====== SUPPLIED MATERIAL ======

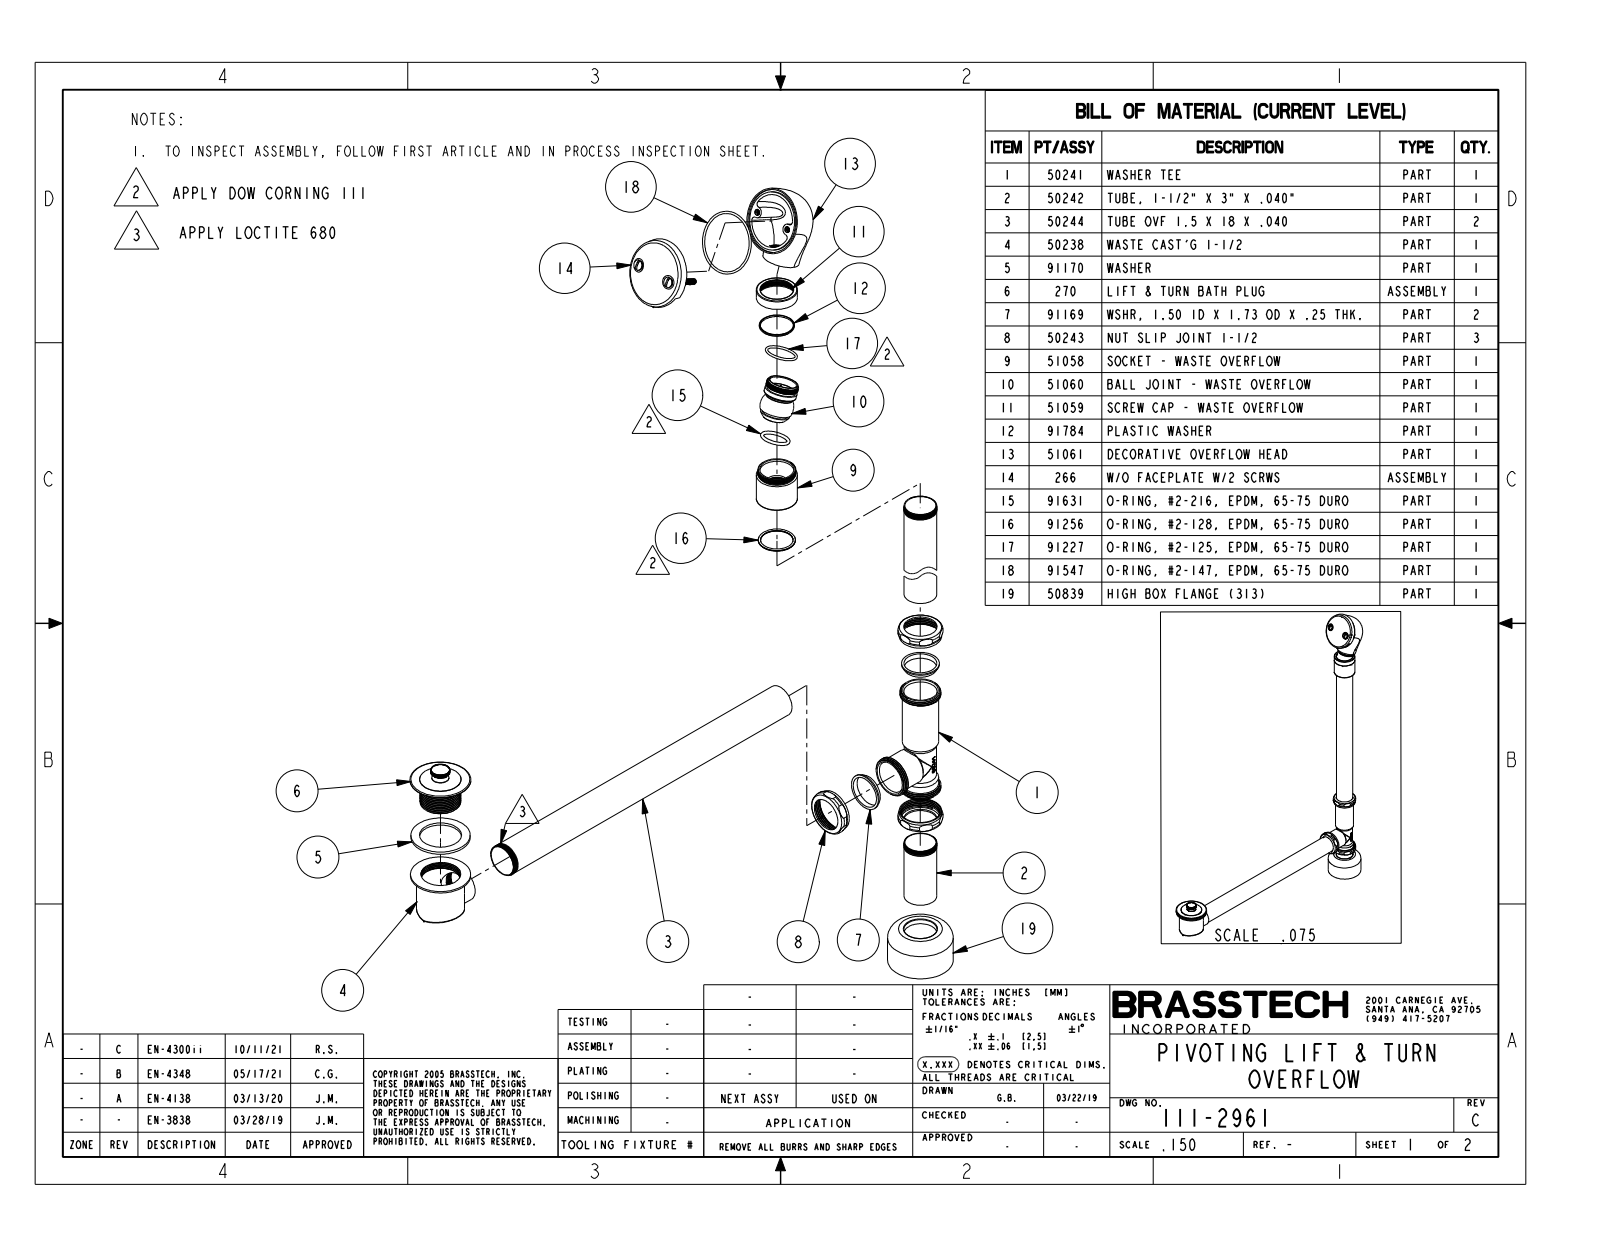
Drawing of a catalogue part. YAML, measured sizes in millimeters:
part_name: "50241; 50242; 50244; 50238 (+8 more)"
step_written_by: "CREO PARAMETRIC BY PTC INC, 2018400 (AUTOMOTIVE_DESIGN)"
units: millimeters
bodies: {solids: 30, faces: 1679, planar: 376, cylindrical: 739, other: 564}
overall_size: [723.3, 585.5, 80.8]
volume: 403000
surface_area: 476300
round_holes:
  - {diameter: 38.6, count: 4}
  - {diameter: 45.3, count: 3}
  - {diameter: 4.9, count: 2}
  - {diameter: 6.9, count: 2}
  - {diameter: 36.1, count: 2}
  - {diameter: 3.3, count: 1}
  - {diameter: 5.4, count: 1}
  - {diameter: 10.5, count: 1}
  - {diameter: 12.1, count: 1}
  - {diameter: 16.5, count: 1}
  - {diameter: 24.1, count: 1}
  - {diameter: 25.4, count: 1}
round_bosses_or_shafts:
  - {diameter: 42.2, count: 3}
  - {diameter: 38.1, count: 3}
  - {diameter: 49.3, count: 2}
  - {diameter: 47.5, count: 2}
  - {diameter: 43.9, count: 2}
  - {diameter: 12.2, count: 2}
  - {diameter: 6.2, count: 2}
  - {diameter: 76.2, count: 1}
partial_cylinders:
  - {radius: 1, count: 5}
  - {radius: 6.4, count: 2}
  - {radius: 26.2, count: 2}
  - {radius: 1.4, count: 1}
  - {radius: 7.4, count: 1}
  - {radius: 10, count: 1}
  - {radius: 10.9, count: 1}
  - {radius: 18.3, count: 1}
face_to_face_distances: [3, 2, 50, 5.1, 86.5, 88.6, 91.6, 0.6, 86, 88]
hole_center_spacings: [24.6, 49.3, 24, 503.6]

======

[PROBLEM] Look through the entries, and return every line that the word "millimeters" appears in.

[SOLUTION]
Drawing of a catalogue part. YAML, measured sizes in millimeters:
units: millimeters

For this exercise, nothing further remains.